Whether, in spite of a lack of consistent competition since London, Mitcham can move onto the top of the podium remains to be seen but his story will be nothing if not a captivating one.

Fast Facts
Name: Matthew Mitcham
Age: 26
Birthplace: Coopers Plains, Brisbane
Sport: Diving
Events: One-metre springboard individual, 10-metre platform individual, three-metre synchronised springboard, 10-metre synchronised platform
Debut:
Honours: Gold medal 10-metre platform, 2008 Olympics; Silver one-metre springboard individual 2010 Commonwealth Games, Silver 10-metre platform 2010 Commonwealth Games, Silver three-metre synchronised 2010 Commonwealth Games, Silver 10-metre synchronised platform 2010 Commonwealth Games; Bronze one-metre springboard individual 2009 World Championships.
Twitter followers: 45,500
Facebook likes: 98,638

– Mitcham was born and raised in Brisbane but lives in Sydney, where he studies a Bachelor of Arts and Sciences, majoring in linguistics, at the University of Sydney.
– His autobiography, Twists and Turns, has been made into a cabaret show after a crowd-funding project in late 2013. It has since premiered in Perth and Melbourne, and Mitcham will return to the stage after the Commonwealth Games.
– Mitcham was an early adopter of the ‘selfie’ craze, climbing to the top of the Olympic rings in London to get a snap that he then posted on Twitter.
– After debuting at the 2006 Commonwealth Games, Mitcham walked away from diving only to return in time to claim gold at the 2008 Beijing Olympics and become Australia’s first male diving Olympic gold medallist since Dick Eve in 1924.

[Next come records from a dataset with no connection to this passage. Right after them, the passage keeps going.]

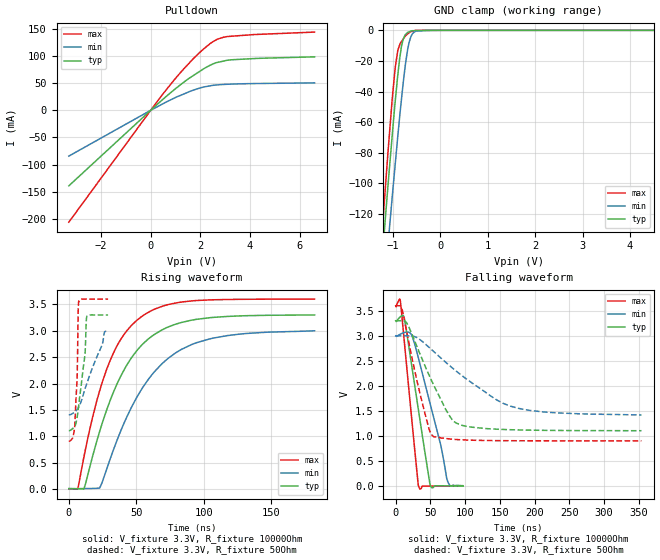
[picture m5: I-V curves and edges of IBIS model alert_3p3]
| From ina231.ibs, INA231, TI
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|   alert_3p3 Model
[Model]   alert_3p3
Model_type   Open_drain
Polarity   Non-Inverting
Vmeas = 1.65
Vref = 3.3
Cref = 2pF
Rref = 10000
|   typ   min   max
|   (nom PVT)   (fast PVT)   (slow PVT)
|C_comp from frequency sweep method (F=50KHz)
|C_comp   2.725e-10   2.376e-10   3.026e-10
|ON state : BUFFER OUTPUT TURNED LOW
|C_comp   2.725e-10   2.376e-10   3.026e-10
|OFF state: BUFFER IN HIGH IMPEDANCE
|C_comp   2.405e-12   2.012e-12   2.826e-12
|C_comp from LC tank measurement(L=1nH)
|Resonant Frequency(Hz)   5.580e+09   5.710e+09   5.200e+09
C_comp   8.143e-13   7.777e-13   9.377e-13
|ON state : BUFFER OUTPUT TURNED LOW
|Resonant Frequency(Hz)   5.580e+09   5.710e+09   5.200e+09
|C_comp   8.143e-13   7.777e-13   9.377e-13
|OFF state: BUFFER IN HIGH IMPEDANCE
|Resonant Frequency(Hz)   4.900e+09   5.620e+09   4.490e+09
|C_comp   1.056e-12   8.028e-13   1.258e-12
| Where nom  PVT is Nominal Process, 3.3V, 27C
|   Fast PVT is Strong Process,  3.6V, -40C
|   Slow PVT is Weak Process,   3V, 125C
[Voltage Range]   3.3   3   3.6
|Ambient Temperature   25   150   -65
|Junction Temperature
[Temperature Range]   27   125   -40
[Pullup Reference]   3.3   3   3.6
[Pulldown Reference]   0   0   0
[Power Clamp Reference]   3.3   3   3.6
[GND Clamp Reference]   0   0   0
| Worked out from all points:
|   slope of the pulldown table from 0 to 0.495 V, typ, clamps not added: 24.4 ohm
|   GND clamp passes 1 mA (typ) near -0.66 V on its own axis
|   falling waveform, V_fixture 3.3V, R_fixture 10000Ohm: 20-80 % time 21.7ns typ, 32.3ns min, 15ns max; typ from 3.3 V to 0.008 V
|   rising waveform, V_fixture 3.3V, R_fixture 10000Ohm: 20-80 % time 32.9ns typ, 39ns min, 27.5ns max; typ from 0.008 V to 3.3 V
|   falling waveform, V_fixture 3.3V, R_fixture 50Ohm: 20-80 % time 43.1ns typ, 88.8ns min, 26.2ns max; typ from 3.3 V to 1.11 V
|   rising waveform, V_fixture 3.3V, R_fixture 50Ohm: 20-80 % time 5.35ns typ, 13.8ns min, 1.91ns max; typ from 1.11 V to 3.3 V
[Pulldown]
|   Voltage   I(typ)   I(min)   I(max)
-3.3V     -139.2mA   -84.44mA   -206.2mA
18mV      754.8uA    460uA      1.129mA
633.6mV   25.87mA    15.47mA    38.31mA
1.246V    48.71mA    28.37mA    71.97mA
1.706V    63.73mA    36.9mA     94.61mA
2.383V    82.71mA    45.01mA    122.4mA
2.678V    88.09mA    46.7mA     130.9mA
3.089V    92.24mA    47.94mA    135.9mA
4.316V    95.63mA    49.31mA    139.8mA
6.6V      98.43mA    50.48mA    144mA
[GND Clamp]
|   Voltage   I(typ)   I(min)   I(max)
-3.3V     -994.3mA   -972.8mA   -1.055A
-1.231V   -151.3mA   -186.9mA   -133.5mA
-1.155V   -121.2mA   -158.8mA   -101.3mA
-1.086V   -94.78mA   -134mA     -72.68mA
-1.015V   -69.11mA   -109.2mA   -45.22mA
-950.4mV  -46.18mA   -87.25mA   -24.23mA
-896.4mV  -29.11mA   -69.03mA   -13.05mA
-818.4mV  -10.43mA   -44.77mA   -7.302mA
-683.1mV  -1.259mA   -11.64mA   -2.218mA
-579mV    -257.7uA   -1.875mA   -510.3uA
-285mV    -126.1uA   -986.3nA   -2.437uA
6.6V      0A         0A         0A
[POWER Clamp]
|   Voltage   I(typ)   I(min)   I(max)
-3.3V     0A         0A         0A
0V        0A         0A         0A
6.6V      0A         0A         0A
[Ramp]
R_load = 10000
|   typ   min   max
dV/dt_r   1.97533/3.28714e-08   1.79298/3.89804e-08   2.15656/2.7487e-08
dV/dt_f   1.97533/2.17263e-08   1.79297/3.23135e-08   2.15656/1.50171e-08
[Falling Waveform]
V_fixture = 3.3V
V_fixture_min = 3V
V_fixture_max = 3.6V
R_fixture = 10000Ohm
|   Time   V(typ)   V(min)   V(max)
0s        3.3V       3V         3.6V
6.9ns     3.382V     3.035V     3.676V
12.7ns    3.334V     3.068V     2.844V
22.85ns   2.428V     3.018V     1.377V
32.5ns    1.546V     2.569V     24.63mV
33.8ns    1.428V     2.499V     -30.74mV
50.85ns   -8.229mV   1.579V     6.694mV
64.65ns   10.36mV    837mV      6.252mV
74.9ns    9.451mV    98.22mV    6.094mV
97.03ns   7.947mV    13.01mV    5.749mV
[Rising Waveform]
V_fixture = 3.3V
V_fixture_min = 3V
V_fixture_max = 3.6V
R_fixture = 10000Ohm
|   Time   V(typ)   V(min)   V(max)
0s        7.784mV    11.69mV    5.725mV
6.5ns     5.853mV    10.49mV    0V
11.2ns    6.756mV    11.28mV    610.5mV
22.85ns   1.094V     20.75mV    1.863V
36.85ns   2.055V     999.8mV    2.768V
53.45ns   2.714V     1.873V     3.261V
71.9ns    3.053V     2.442V     3.485V
94.8ns    3.218V     2.776V     3.574V
126.7ns   3.282V     2.938V     3.596V
182.1ns   3.3V       3V         3.6V
[Falling Waveform]
V_fixture = 3.3V
V_fixture_min = 3V
V_fixture_max = 3.6V
R_fixture = 50Ohm
|   Time   V(typ)   V(min)   V(max)
0s        3.3V       3V         3.6V
8.8ns     3.301V     3.001V     3.55V
18.35ns   3.194V     3V         2.906V
37.25ns   2.563V     2.9V       1.723V
48.7ns    2.197V     2.763V     1.111V
55.3ns    2.002V     2.68V      986.6mV
81.2ns    1.331V     2.365V     940.3mV
95.65ns   1.215V     2.205V     927mV
177ns     1.125V     1.554V     909mV
353.9ns   1.109V     1.423V     907.5mV
[Rising Waveform]
V_fixture = 3.3V
V_fixture_min = 3V
V_fixture_max = 3.6V
R_fixture = 50Ohm
|   Time   V(typ)   V(min)   V(max)
0s        1.109V     1.41V      907.8mV
2.9ns     1.149V     1.435V     974.8mV
4.35ns    1.193V     1.461V     1.177V
6.15ns    1.362V     1.509V     2.107V
6.95ns    1.506V     1.54V      3.362V
7.35ns    1.592V     1.557V     3.557V
12.05ns   2.575V     1.905V     3.6V
13.2ns    3.259V     1.991V     3.6V
26.45ns   3.3V       2.976V     3.6V
29.1ns    3.3V       3V         3.6V

– In 2013 Mitcham was a judge alongside fellow Olympians Alisa Camplin and Greg Louganis on the Australian diving show Celebrity Splash! that aired on Channel 7. Mitcham has stated previously that Louganis was an idol of his growing up, and he was inspired by reading Louganis’ biography Breaking The Surface in the leadup to Beijing.
– Mitcham was only introduced to diving at 13, after being spotted by a diving scout while skylarking at a local pool in Brisbane.